WHAT THE EXERCISE ASKS:
Line for line, return the data exactly, omitting all pictures.

Items from a dataset:
****************************************

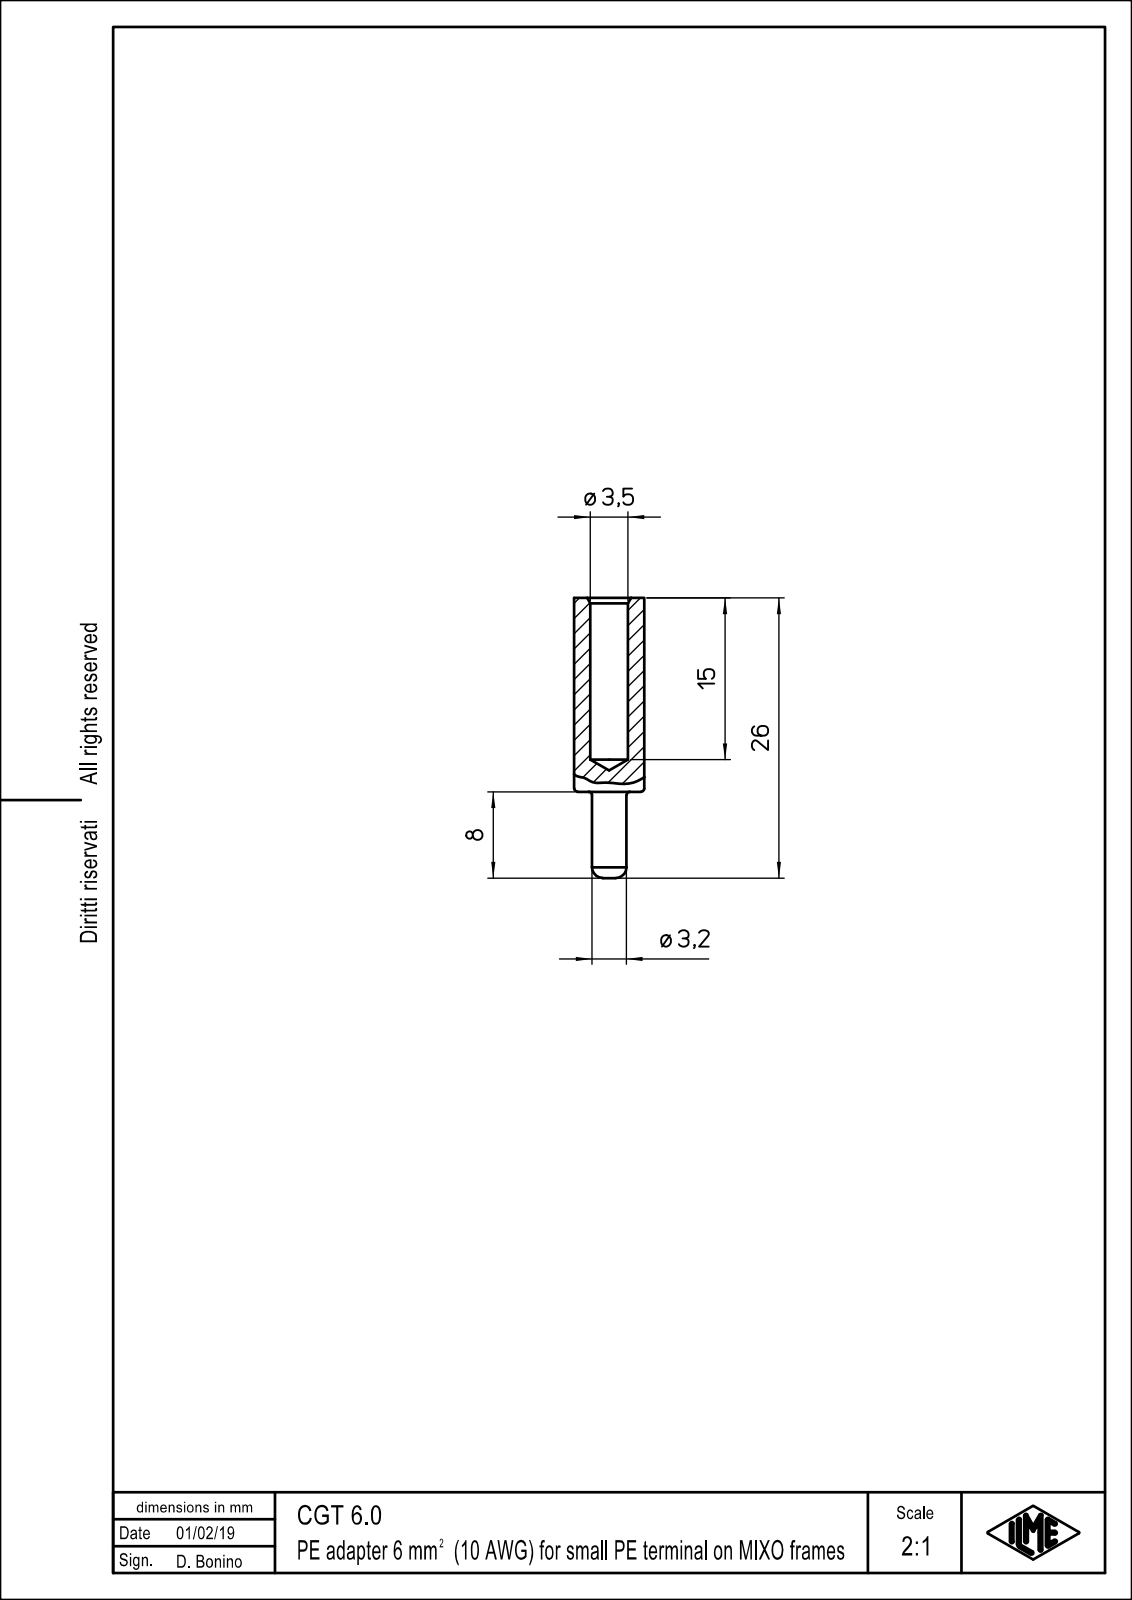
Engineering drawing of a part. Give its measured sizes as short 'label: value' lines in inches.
name: CGT_6.0
written by: PTC Creo Elements/Direct Modeling 19.0B 21-Mar-2015 (C) Parametric Technology GmbH (AUTOMOTIVE_DESIGN)
unit: in
bodies: 1 solid, 19 faces (3 planar, 6 cylindrical, 10 other)
size: 1.024 × 0.256 × 0.256
volume: 0.031 in³; area: 1.04 in²
holes: 1× ⌀0.138
bosses: 1× ⌀0.256, 1× ⌀0.126
face distances: 0.709, 1.024, 0.315

****************************************

ANSWER BOX:
Engineering drawing of a part. Give its measured sizes as short 'label: value' lines in inches.
name: CGT_6.0
written by: PTC Creo Elements/Direct Modeling 19.0B 21-Mar-2015 (C) Parametric Technology GmbH (AUTOMOTIVE_DESIGN)
unit: in
bodies: 1 solid, 19 faces (3 planar, 6 cylindrical, 10 other)
size: 1.024 × 0.256 × 0.256
volume: 0.031 in³; area: 1.04 in²
holes: 1× ⌀0.138
bosses: 1× ⌀0.256, 1× ⌀0.126
face distances: 0.709, 1.024, 0.315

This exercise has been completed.